Harris Corporation is Twice Honored at 60th Annual Technology & Engineering Emmy® Awards


Harris Broadcast Technology Recognized for Enhancing Consumer Viewing Experience

Last Updated: January 8, 2009 5:01 pm GMT
(Cincinnati, Ohio--January 8, 2009) Harris Corporation (NYSE:HRS), an international communications and information technology company, received two awards from the National Academy of Television Arts and Sciences (NATAS) at the 60th Annual Technology & Engineering Emmy® Awards ceremony that took place January 7, 2009, at The Venetian Hotel in Las Vegas.

This marks the eighth Emmy® that the company has received for introducing technology that enhances broadcasters’ capabilities and the consumers’ viewing experience.

During the event, which was held on opening night of the International Consumer Electronics Show (CES), Harris was presented with one Emmy® for introducing a communications protocol to control video servers for broadcast television and a second for inventing a method to combine analog and DTV signals on adjacent frequencies within a single antenna.

The first award honors Harris for Video Disk Communications Protocol™ (VDCP™), a proprietary, serial communications protocol based on the RS-422 standard. Originally developed by Louth Automation, which Harris acquired in 1999, VDCP was rapidly adopted by virtually all server and automation manufacturers due to its ability to provide a simple, proven and reliable means of controlling video servers for broadcast television. Harris has maintained its commitment to open protocols with its leading role in later developments including Programming Metadata Communication Protocol (PMCP) and Broadcast eXchange Format (BXF).

“Consolidation and centralized control of operations are key objectives for today’s broadcaster, which lends added significance to standards-based protocols,” said Tim Thorsteinson, president of Harris Broadcast Communications. “Even with the recent proliferation of proprietary, vendor-specific protocols, VDCP still stands as the de facto standard. Essentially, any broadcaster who has ever needed automation control of video file servers has at some time or other used VDCP.”

Harris was also recognized for its invention “Combining Adjacent TV Channels for Transmission by a Common Antenna,” which is a method of “space combining” analog and DTV signals on adjacent frequencies within a single antenna. The ability to transmit multiple analog and DTV channels from a single antenna with nearly identical radiation patterns reduces costs for the broadcaster by eliminating the need for separate, expensive antennas for analog and DTV channels. The invention also simplifies engineering complexity by consuming less tower space and maintaining signal isolation between the analog and DTV transmitters. The technology was invented by the late Emmy® award-winning inventor Robert J. Plonka of Harris Broadcast Communications.

“Many DTV broadcasters using this technology today would have otherwise been forced to replace their antennas and towers prior to supporting DTV services,” said Thorsteinson. “The ability to use a common antenna to simultaneously transmit analog and DTV signals has allowed many broadcasters to add adjacent DTV channels to existing transmission lines and antenna systems.
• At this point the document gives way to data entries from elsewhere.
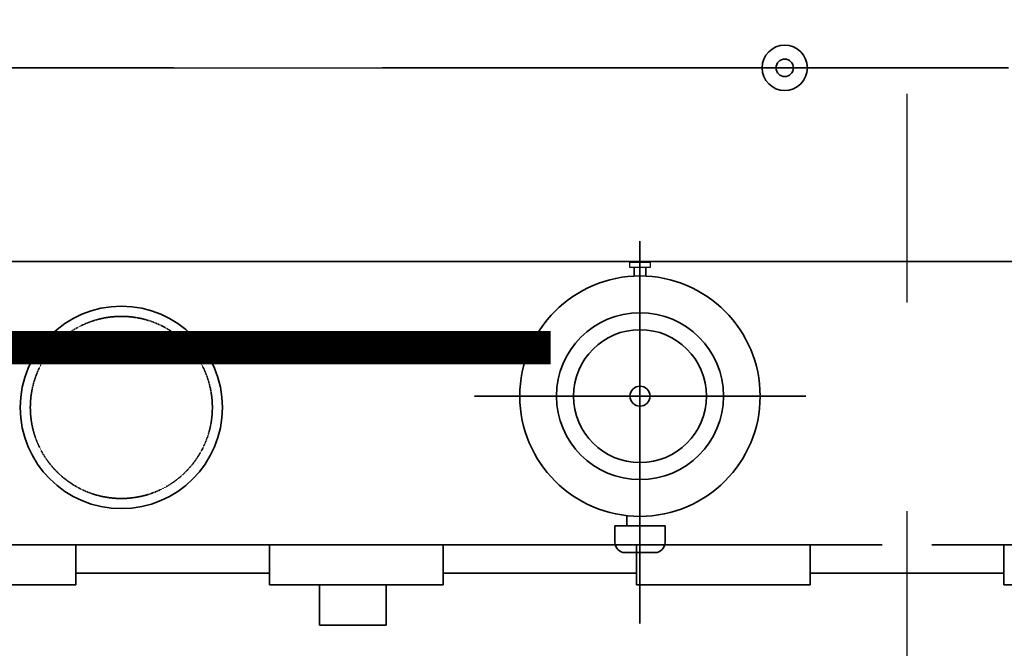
# Model space of a CAD drawing. Header units: inches. Extents: x -341304 to 31571016, y -692717 to 2132253.
# Tile 116 of 256: x 454671 to 457621, y -293222 to -291339. Entities that reach past the tile are written whole.
import ezdxf

# ---------------------------------------------------------------- set-up
doc = ezdxf.new("R2010")
doc.units = ezdxf.units.IN
doc.header["$MEASUREMENT"] = 0
for name, pattern in [('ACISOWELD', [3, 2, -1]), ('CENTER', [2, 1.25, -0.25, 0.25, -0.25]), ('CENTRE', [1.5, 0.75, -0.25, 0.25, -0.25]), ('DASHDOT', [1, 0.5, -0.25, 0, -0.25]), ('HIDDEN', [0.375, 0.25, -0.125])]:
    doc.linetypes.add(name, pattern=pattern)

# ---------------------------------------------------------------- blocks, each defined once
blk = doc.blocks.new('tyyyy')
at = {"color": 230, "linetype": 'CENTRE', "lineweight": 35, "ltscale": 2500}
blk.add_line((-1274702.3, 586232.4), (-1255686, 586232.4), dxfattribs=at)
at = {"color": 230, "linetype": 'CENTER', "lineweight": 35}
for p, q in [((-1270181, 585713.6), (-1270181, 584568.7)), ((-1270198.5, 585607.6), (-1270198.5, 585635.9)), ((-1270163.5, 585607.6), (-1270163.5, 585635.9)), ((-1269683.9, 585249.5), (-1270678.1, 585249.5))]:
    blk.add_line(p, q, dxfattribs=at)
at = {"color": 230, "linetype": 'Continuous', "lineweight": 35}
for p, q in [((-1265376, 585652.2), (-1273386, 585652.2)), ((-1269455.2, 584804.2), (-1273386, 584804.2)), ((-1271871, 584683.7), (-1271871, 584804.2)), ((-1271291, 584683.7), (-1271291, 584804.2)), ((-1270771, 584683.7), (-1270771, 584804.2)), ((-1270191, 584683.7), (-1270191, 584804.2)), ((-1269671, 584683.7), (-1269671, 584804.2)), ((-1265376, 584804.2), (-1269306.8, 584804.2)), ((-1269091, 584683.7), (-1269091, 584804.2)), ((-1271291, 584718.7), (-1271871, 584718.7)), ((-1270191, 584718.7), (-1270771, 584718.7)), ((-1269091, 584718.7), (-1269671, 584718.7)), ((-1271871, 584683.7), (-1272391, 584683.7)), ((-1270771, 584683.7), (-1271291, 584683.7)), ((-1271141, 584683.7), (-1271141, 584563.7)), ((-1270941, 584683.7), (-1270941, 584563.7)), ((-1269671, 584683.7), (-1270191, 584683.7)), ((-1268571, 584683.7), (-1269091, 584683.7)), ((-1270941, 584563.7), (-1271141, 584563.7))]:
    blk.add_line(p, q, dxfattribs=at)
at = {"color": 230, "linetype": 'ACISOWELD', "lineweight": 30}
blk.add_line((-1270198.5, 585635.9), (-1270198.5, 585607.9), dxfattribs=at)
at = {"color": 230, "lineweight": 35}
for p, q in [((-1270220.2, 584860.5), (-1270220.2, 584891.4)), ((-1270256, 584810.8), (-1270256, 584860.5)), ((-1270256, 584860.5), (-1270106, 584860.5)), ((-1270106, 584810.8), (-1270106, 584860.5)), ((-1270226, 584780.8), (-1270136, 584780.8))]:
    blk.add_line(p, q, dxfattribs=at)
at = {"color": 230, "linetype": 'ACISOWELD', "lineweight": 30, "flags": 128}
blk.add_lwpolyline([(-1270212.7, 585649.1), (-1270212.7, 585635.9), (-1270149.3, 585635.9), (-1270149.3, 585649.1)], close=True, dxfattribs=at)
at = {"color": 230, "lineweight": 35}
for centre, radius in [((-1269747.3, 586232.4), 67.9), ((-1269747.3, 586232.4), 26), ((-1271734.9, 585215.4), 303)]:
    blk.add_circle(centre, radius, dxfattribs=at)
at = {"color": 230, "linetype": 'Continuous', "lineweight": 35}
for radius in [360, 250, 199.1, 30]:
    blk.add_circle((-1270181, 585249.2), radius, dxfattribs=at)
at = {"color": 230, "linetype": 'HIDDEN', "lineweight": 35, "ltscale": 0.5}
blk.add_circle((-1271734.9, 585215.4), 272.7, dxfattribs=at)
at = {"color": 230, "lineweight": 35}
for centre, start, end in [((-1270226, 584810.8), 180, 270), ((-1270136, 584810.8), 270, 0)]:
    blk.add_arc(centre, 30, start, end, dxfattribs=at)
blk = doc.blocks.new('GT REV-02')
at = {"color": 230, "linetype": 'CENTRE', "ltscale": 2500}
for p, q in [((-975820.7, 18988.2, -96251.3), (-975820.7, 28972.7, -96251.3)), ((-997843.4, 22190.7), (-971714.3, 22190.7))]:
    blk.add_line(p, q, dxfattribs=at)
at = {"color": 230, "linetype": 'DASHDOT', "ltscale": 2500, "const_width": 100, "elevation": 0}
blk.add_lwpolyline([(-976888.4, 21352.7), (-997842.4, 21352.7)], dxfattribs=at)
at = {"color": 7}
blk.add_blockref('tyyyy', (293560.3, -564041.7), dxfattribs=at)

msp = doc.modelspace()

# ---------------------------------------------------------------- block references
at = {"color": 230}
msp.add_blockref('GT REV-02', (1433150.1, -313674.2, 96251.3), dxfattribs=at)

doc.saveas('drawing.dxf')

This presents a far more cost- and time-efficient solution for local broadcasters while maintaining the integrity and quality of their broadcasts.”

Launched in 1948, Technology and Engineering Awards honor development and innovation in broadcast technology and recognize companies, organizations and individuals for breakthroughs in technology that have a significant effect on television engineering.

Harris Broadcast Communications offers products, systems and services that provide interoperable workflow solutions that span the entire media delivery chain. The Harris ONE™ solution brings together highly integrated and cost-effective products that are ideal for emerging media business models and for customers upgrading media operations to digital and high-definition services.

About The National Academy of Television Arts & Sciences
The National Academy of Television Arts & Sciences (NATAS) is a professional service organization dedicated to the advancement of the arts and sciences of television and the promotion of creative leadership for artistic, educational and technical achievements within the television industry. It recognizes excellence in television with the coveted Emmy Award for News & Documentary, Sports, Daytime Entertainment, Daytime Creative Arts & Entertainment, Public & Community Service, Technology & Engineering, and Business & Financial Reporting. Regional Emmys are given in 19 regions across the United States. Beyond awards, NATAS has extensive educational programs including National Student Television and its Student Award for Excellence for outstanding journalistic work by high school students, as well as scholarships, publications, and major activities for both industry professionals and the viewing public. For more information, please visit the website at www.emmyonline.tv.

About Harris Corporation
Harris is an international communications and information technology company serving government and commercial markets in more than 150 countries. Headquartered in Melbourne, Florida, the company has annual revenue of $5.4 billion and 16,000 employees — including nearly 7,000 engineers and scientists. Harris is dedicated to developing best-in-class assured communications® products, systems, and services. Additional information about Harris Corporation is available at www.harris.com.